■ Data records:
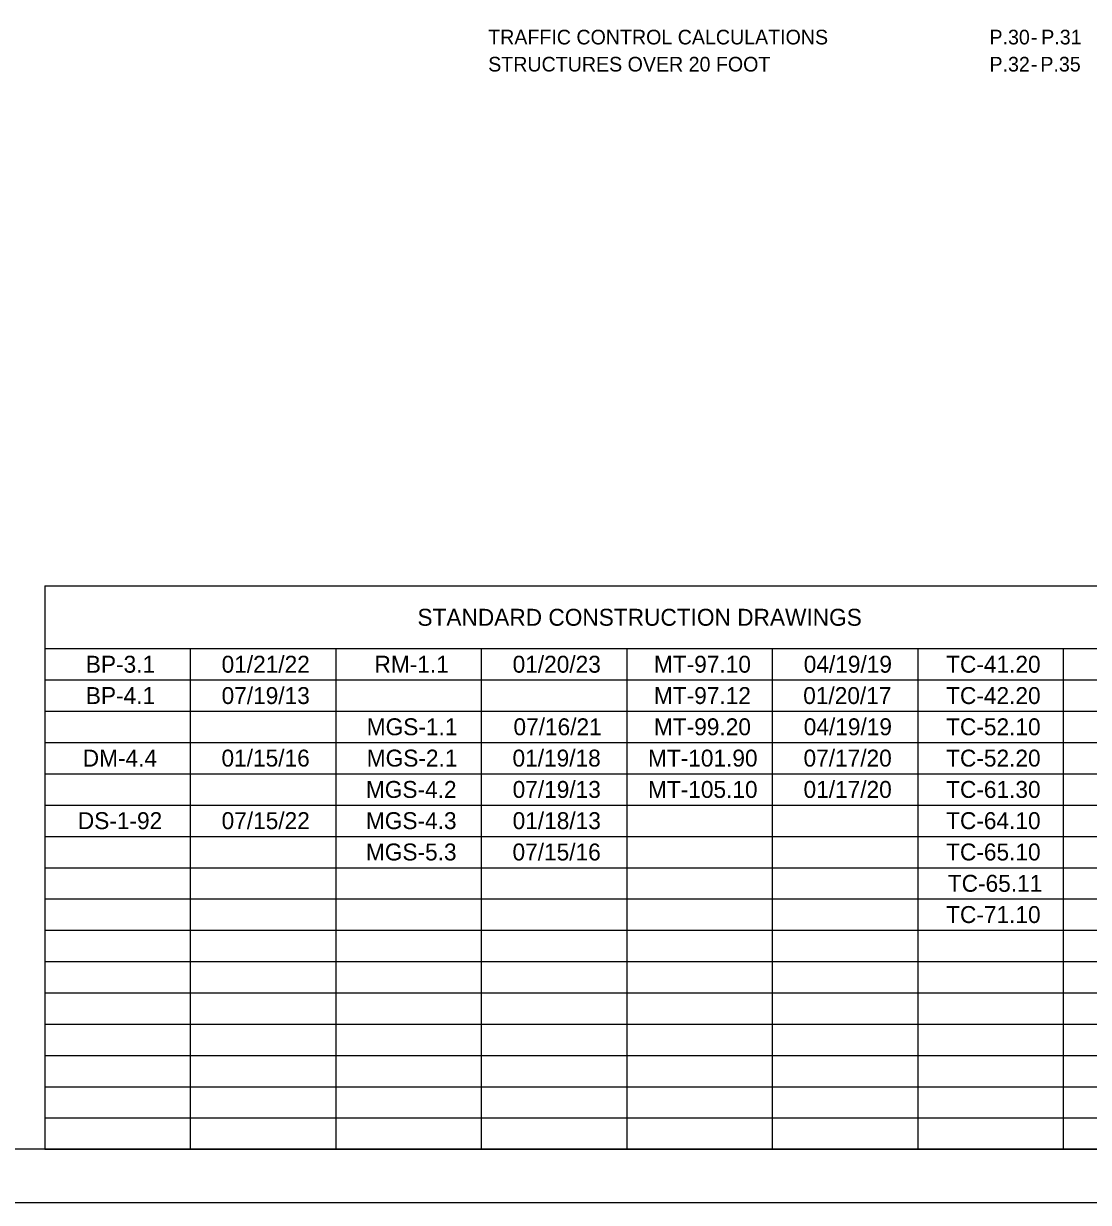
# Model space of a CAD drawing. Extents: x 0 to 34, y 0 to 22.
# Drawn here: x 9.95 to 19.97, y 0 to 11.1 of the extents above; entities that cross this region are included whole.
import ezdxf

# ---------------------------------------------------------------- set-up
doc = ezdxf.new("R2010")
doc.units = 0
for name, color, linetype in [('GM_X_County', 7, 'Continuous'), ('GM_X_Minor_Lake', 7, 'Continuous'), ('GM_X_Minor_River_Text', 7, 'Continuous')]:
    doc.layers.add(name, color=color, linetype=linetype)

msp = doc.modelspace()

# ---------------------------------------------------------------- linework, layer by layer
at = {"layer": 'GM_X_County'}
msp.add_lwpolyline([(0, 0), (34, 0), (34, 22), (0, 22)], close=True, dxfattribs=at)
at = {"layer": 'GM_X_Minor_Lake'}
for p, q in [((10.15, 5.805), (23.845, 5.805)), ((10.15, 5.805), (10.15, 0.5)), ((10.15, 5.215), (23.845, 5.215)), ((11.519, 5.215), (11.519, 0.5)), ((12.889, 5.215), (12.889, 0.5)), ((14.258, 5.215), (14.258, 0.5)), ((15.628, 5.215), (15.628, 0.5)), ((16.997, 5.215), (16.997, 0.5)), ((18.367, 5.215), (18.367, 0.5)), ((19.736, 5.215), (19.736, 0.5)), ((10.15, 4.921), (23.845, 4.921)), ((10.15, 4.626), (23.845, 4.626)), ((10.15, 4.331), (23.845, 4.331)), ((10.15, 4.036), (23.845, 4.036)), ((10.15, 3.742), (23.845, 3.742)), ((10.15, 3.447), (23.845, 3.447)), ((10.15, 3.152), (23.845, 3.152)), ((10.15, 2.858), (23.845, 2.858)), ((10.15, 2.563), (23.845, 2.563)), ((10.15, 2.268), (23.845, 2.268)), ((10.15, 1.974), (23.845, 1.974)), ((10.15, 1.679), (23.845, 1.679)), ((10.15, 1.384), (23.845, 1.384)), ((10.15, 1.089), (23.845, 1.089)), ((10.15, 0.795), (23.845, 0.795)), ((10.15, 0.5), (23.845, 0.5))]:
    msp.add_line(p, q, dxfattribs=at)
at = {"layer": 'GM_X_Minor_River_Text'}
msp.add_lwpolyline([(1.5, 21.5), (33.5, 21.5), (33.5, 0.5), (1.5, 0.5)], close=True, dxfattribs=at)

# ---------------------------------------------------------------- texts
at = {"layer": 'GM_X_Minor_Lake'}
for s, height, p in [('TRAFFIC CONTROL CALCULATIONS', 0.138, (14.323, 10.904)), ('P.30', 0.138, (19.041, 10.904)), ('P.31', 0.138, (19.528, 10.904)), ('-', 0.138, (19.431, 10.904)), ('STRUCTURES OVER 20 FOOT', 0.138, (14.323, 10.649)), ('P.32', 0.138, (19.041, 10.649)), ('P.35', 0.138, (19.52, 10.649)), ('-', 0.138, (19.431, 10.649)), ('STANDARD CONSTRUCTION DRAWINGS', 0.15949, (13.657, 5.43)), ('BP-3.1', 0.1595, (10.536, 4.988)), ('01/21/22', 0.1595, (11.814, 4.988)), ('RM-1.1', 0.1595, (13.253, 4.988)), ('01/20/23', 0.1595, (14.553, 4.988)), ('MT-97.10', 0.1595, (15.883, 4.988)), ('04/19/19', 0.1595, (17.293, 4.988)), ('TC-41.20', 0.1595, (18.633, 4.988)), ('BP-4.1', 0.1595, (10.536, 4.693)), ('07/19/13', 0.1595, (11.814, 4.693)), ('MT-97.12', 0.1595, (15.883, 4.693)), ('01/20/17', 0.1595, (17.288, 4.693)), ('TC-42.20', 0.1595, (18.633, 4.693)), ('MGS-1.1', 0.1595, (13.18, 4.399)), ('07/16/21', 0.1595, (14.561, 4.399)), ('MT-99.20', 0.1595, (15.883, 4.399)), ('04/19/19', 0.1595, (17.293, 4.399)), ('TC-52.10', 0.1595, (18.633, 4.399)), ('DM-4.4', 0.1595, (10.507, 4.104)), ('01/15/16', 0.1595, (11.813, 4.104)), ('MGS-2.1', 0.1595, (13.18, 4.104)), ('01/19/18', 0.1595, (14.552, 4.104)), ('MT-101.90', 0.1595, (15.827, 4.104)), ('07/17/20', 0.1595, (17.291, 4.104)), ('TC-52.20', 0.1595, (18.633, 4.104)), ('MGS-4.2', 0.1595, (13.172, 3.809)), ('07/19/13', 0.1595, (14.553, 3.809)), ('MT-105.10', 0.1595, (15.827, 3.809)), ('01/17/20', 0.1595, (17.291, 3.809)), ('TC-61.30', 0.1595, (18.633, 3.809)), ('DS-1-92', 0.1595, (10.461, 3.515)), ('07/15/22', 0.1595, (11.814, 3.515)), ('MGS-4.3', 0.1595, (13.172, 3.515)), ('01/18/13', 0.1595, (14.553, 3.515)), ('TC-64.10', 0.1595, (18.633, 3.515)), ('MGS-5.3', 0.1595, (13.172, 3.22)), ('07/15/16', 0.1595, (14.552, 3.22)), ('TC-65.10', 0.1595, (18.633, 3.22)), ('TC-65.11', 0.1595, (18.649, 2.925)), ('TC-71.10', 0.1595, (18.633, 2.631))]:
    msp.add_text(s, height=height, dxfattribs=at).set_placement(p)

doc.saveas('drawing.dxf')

■ Exercise description: Return each entry exactly as it stands above, apart from any images.

■ Result of the task:
# Model space of a CAD drawing. Extents: x 0 to 34, y 0 to 22.
# Drawn here: x 9.95 to 19.97, y 0 to 11.1 of the extents above; entities that cross this region are included whole.
import ezdxf

# ---------------------------------------------------------------- set-up
doc = ezdxf.new("R2010")
doc.units = 0
for name, color, linetype in [('GM_X_County', 7, 'Continuous'), ('GM_X_Minor_Lake', 7, 'Continuous'), ('GM_X_Minor_River_Text', 7, 'Continuous')]:
    doc.layers.add(name, color=color, linetype=linetype)

msp = doc.modelspace()

# ---------------------------------------------------------------- linework, layer by layer
at = {"layer": 'GM_X_County'}
msp.add_lwpolyline([(0, 0), (34, 0), (34, 22), (0, 22)], close=True, dxfattribs=at)
at = {"layer": 'GM_X_Minor_Lake'}
for p, q in [((10.15, 5.805), (23.845, 5.805)), ((10.15, 5.805), (10.15, 0.5)), ((10.15, 5.215), (23.845, 5.215)), ((11.519, 5.215), (11.519, 0.5)), ((12.889, 5.215), (12.889, 0.5)), ((14.258, 5.215), (14.258, 0.5)), ((15.628, 5.215), (15.628, 0.5)), ((16.997, 5.215), (16.997, 0.5)), ((18.367, 5.215), (18.367, 0.5)), ((19.736, 5.215), (19.736, 0.5)), ((10.15, 4.921), (23.845, 4.921)), ((10.15, 4.626), (23.845, 4.626)), ((10.15, 4.331), (23.845, 4.331)), ((10.15, 4.036), (23.845, 4.036)), ((10.15, 3.742), (23.845, 3.742)), ((10.15, 3.447), (23.845, 3.447)), ((10.15, 3.152), (23.845, 3.152)), ((10.15, 2.858), (23.845, 2.858)), ((10.15, 2.563), (23.845, 2.563)), ((10.15, 2.268), (23.845, 2.268)), ((10.15, 1.974), (23.845, 1.974)), ((10.15, 1.679), (23.845, 1.679)), ((10.15, 1.384), (23.845, 1.384)), ((10.15, 1.089), (23.845, 1.089)), ((10.15, 0.795), (23.845, 0.795)), ((10.15, 0.5), (23.845, 0.5))]:
    msp.add_line(p, q, dxfattribs=at)
at = {"layer": 'GM_X_Minor_River_Text'}
msp.add_lwpolyline([(1.5, 21.5), (33.5, 21.5), (33.5, 0.5), (1.5, 0.5)], close=True, dxfattribs=at)

# ---------------------------------------------------------------- texts
at = {"layer": 'GM_X_Minor_Lake'}
for s, height, p in [('TRAFFIC CONTROL CALCULATIONS', 0.138, (14.323, 10.904)), ('P.30', 0.138, (19.041, 10.904)), ('P.31', 0.138, (19.528, 10.904)), ('-', 0.138, (19.431, 10.904)), ('STRUCTURES OVER 20 FOOT', 0.138, (14.323, 10.649)), ('P.32', 0.138, (19.041, 10.649)), ('P.35', 0.138, (19.52, 10.649)), ('-', 0.138, (19.431, 10.649)), ('STANDARD CONSTRUCTION DRAWINGS', 0.15949, (13.657, 5.43)), ('BP-3.1', 0.1595, (10.536, 4.988)), ('01/21/22', 0.1595, (11.814, 4.988)), ('RM-1.1', 0.1595, (13.253, 4.988)), ('01/20/23', 0.1595, (14.553, 4.988)), ('MT-97.10', 0.1595, (15.883, 4.988)), ('04/19/19', 0.1595, (17.293, 4.988)), ('TC-41.20', 0.1595, (18.633, 4.988)), ('BP-4.1', 0.1595, (10.536, 4.693)), ('07/19/13', 0.1595, (11.814, 4.693)), ('MT-97.12', 0.1595, (15.883, 4.693)), ('01/20/17', 0.1595, (17.288, 4.693)), ('TC-42.20', 0.1595, (18.633, 4.693)), ('MGS-1.1', 0.1595, (13.18, 4.399)), ('07/16/21', 0.1595, (14.561, 4.399)), ('MT-99.20', 0.1595, (15.883, 4.399)), ('04/19/19', 0.1595, (17.293, 4.399)), ('TC-52.10', 0.1595, (18.633, 4.399)), ('DM-4.4', 0.1595, (10.507, 4.104)), ('01/15/16', 0.1595, (11.813, 4.104)), ('MGS-2.1', 0.1595, (13.18, 4.104)), ('01/19/18', 0.1595, (14.552, 4.104)), ('MT-101.90', 0.1595, (15.827, 4.104)), ('07/17/20', 0.1595, (17.291, 4.104)), ('TC-52.20', 0.1595, (18.633, 4.104)), ('MGS-4.2', 0.1595, (13.172, 3.809)), ('07/19/13', 0.1595, (14.553, 3.809)), ('MT-105.10', 0.1595, (15.827, 3.809)), ('01/17/20', 0.1595, (17.291, 3.809)), ('TC-61.30', 0.1595, (18.633, 3.809)), ('DS-1-92', 0.1595, (10.461, 3.515)), ('07/15/22', 0.1595, (11.814, 3.515)), ('MGS-4.3', 0.1595, (13.172, 3.515)), ('01/18/13', 0.1595, (14.553, 3.515)), ('TC-64.10', 0.1595, (18.633, 3.515)), ('MGS-5.3', 0.1595, (13.172, 3.22)), ('07/15/16', 0.1595, (14.552, 3.22)), ('TC-65.10', 0.1595, (18.633, 3.22)), ('TC-65.11', 0.1595, (18.649, 2.925)), ('TC-71.10', 0.1595, (18.633, 2.631))]:
    msp.add_text(s, height=height, dxfattribs=at).set_placement(p)

doc.saveas('drawing.dxf')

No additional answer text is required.